# References for experienced coaches in Los Angeles?



## SandraLAVixen (Jan 3, 2015)

Hi, I'm a beginner, and I'm looking for an experienced coach in Los Angeles.

One who is ideally experienced and trained in traditional long and recurve bow.

If you know of anyone, please let me know, thanks in advance.


----------



## aread (Dec 25, 2009)

Here is the link to the USA Archery coach locator.

http://www.teamusa.org/USA-Archery/Coaching/Find-an-Instructor-or-Coach

I recommend that you find a coach that is at least a Level 3. If the first one you contact isn't what you are looking for, they will likely know who is. 

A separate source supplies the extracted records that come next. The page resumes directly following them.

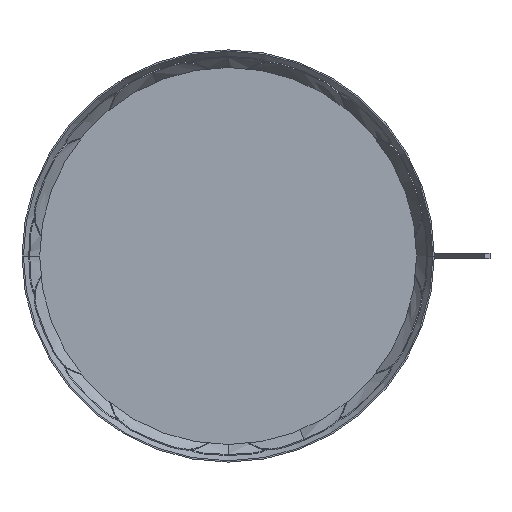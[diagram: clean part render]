
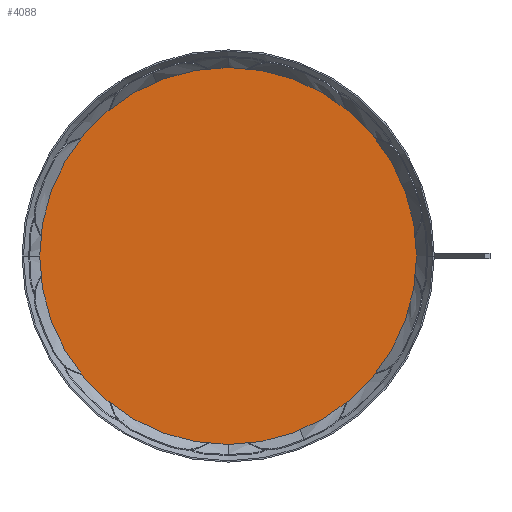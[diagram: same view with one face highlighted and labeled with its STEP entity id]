
A CAD part, front view. The second image highlights one B-rep face of the part: STEP entity #4088.
In plain terms, the highlighted planar face has unit normal (0, -1, 0).
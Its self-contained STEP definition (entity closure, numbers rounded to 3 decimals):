
#93 = CARTESIAN_POINT ( 'NONE',  ( 0., 22.501, 0. ) ) ;
#600 = CARTESIAN_POINT ( 'NONE',  ( 0., 22.501, 0. ) ) ;
#1143 = DIRECTION ( 'NONE',  ( 0., 1., 0. ) ) ;
#1488 = VERTEX_POINT ( 'NONE', #5612 ) ;
#1517 = DIRECTION ( 'NONE',  ( 0., 0., 1. ) ) ;
#1546 = CIRCLE ( 'NONE', #11997, 320. ) ;
#1944 = DIRECTION ( 'NONE',  ( 0., 0., 1. ) ) ;
#3333 = DIRECTION ( 'NONE',  ( 0., 1., 0. ) ) ;
#4088 = ADVANCED_FACE ( 'NONE', ( #6626 ), #9541, .F. ) ;
#4457 = EDGE_CURVE ( 'NONE', #9151, #1488, #1546, .T. ) ;
#5607 = DIRECTION ( 'NONE',  ( 0., 0., 1. ) ) ;
#5612 = CARTESIAN_POINT ( 'NONE',  ( 0., 22.501, 320. ) ) ;
#6626 = FACE_OUTER_BOUND ( 'NONE', #7467, .T. ) ;
#7153 = EDGE_CURVE ( 'NONE', #1488, #9151, #8185, .T. ) ;
#7467 = EDGE_LOOP ( 'NONE', ( #11380, #9174 ) ) ;
#8185 = CIRCLE ( 'NONE', #11443, 320. ) ;
#9151 = VERTEX_POINT ( 'NONE', #10842 ) ;
#9174 = ORIENTED_EDGE ( 'NONE', *, *, #7153, .F. ) ;
#9311 = DIRECTION ( 'NONE',  ( 0., 1., 0. ) ) ;
#9541 = PLANE ( 'NONE',  #10719 ) ;
#10156 = CARTESIAN_POINT ( 'NONE',  ( 0., 22.501, 0. ) ) ;
#10719 = AXIS2_PLACEMENT_3D ( 'NONE', #93, #1143, #1944 ) ;
#10842 = CARTESIAN_POINT ( 'NONE',  ( 0., 22.501, -320. ) ) ;
#11380 = ORIENTED_EDGE ( 'NONE', *, *, #4457, .F. ) ;
#11443 = AXIS2_PLACEMENT_3D ( 'NONE', #10156, #9311, #5607 ) ;
#11997 = AXIS2_PLACEMENT_3D ( 'NONE', #600, #3333, #1517 ) ;

One thing to know is that not all of the people listed are active coaches. Many take the course to improve their own skills.

Hope this helps,
Allen


----------



## SandraLAVixen (Jan 3, 2015)

Thanks yes, I did contact a few on that site.

I am looking for specific references, through. Those who really know what they are talking about and are good teachers.


----------



## aread (Dec 25, 2009)

If there are any shops available to your that specialize in traditional archery gear, they will probably be a good source for a recommendation.

Also, you might try asking on the AT Traditional forum or on the TradGang or Tradtalk forums.

Also, here is an inactive forum that still has a lot of great information available:

http://flintriver.fpb.yuku.com/forums/23#.VNDVTJ3F_jU

Good luck,
Allen


----------



## montigre (Oct 13, 2008)

If you're willing to travel, you can attend events at the Chula Vista Olympic Training Center. Roadrunner Archery operates a club program at the archery range on Thursdays, Saturdays and Sundays. More information can be found at RoadrunnerArchery.com.


----------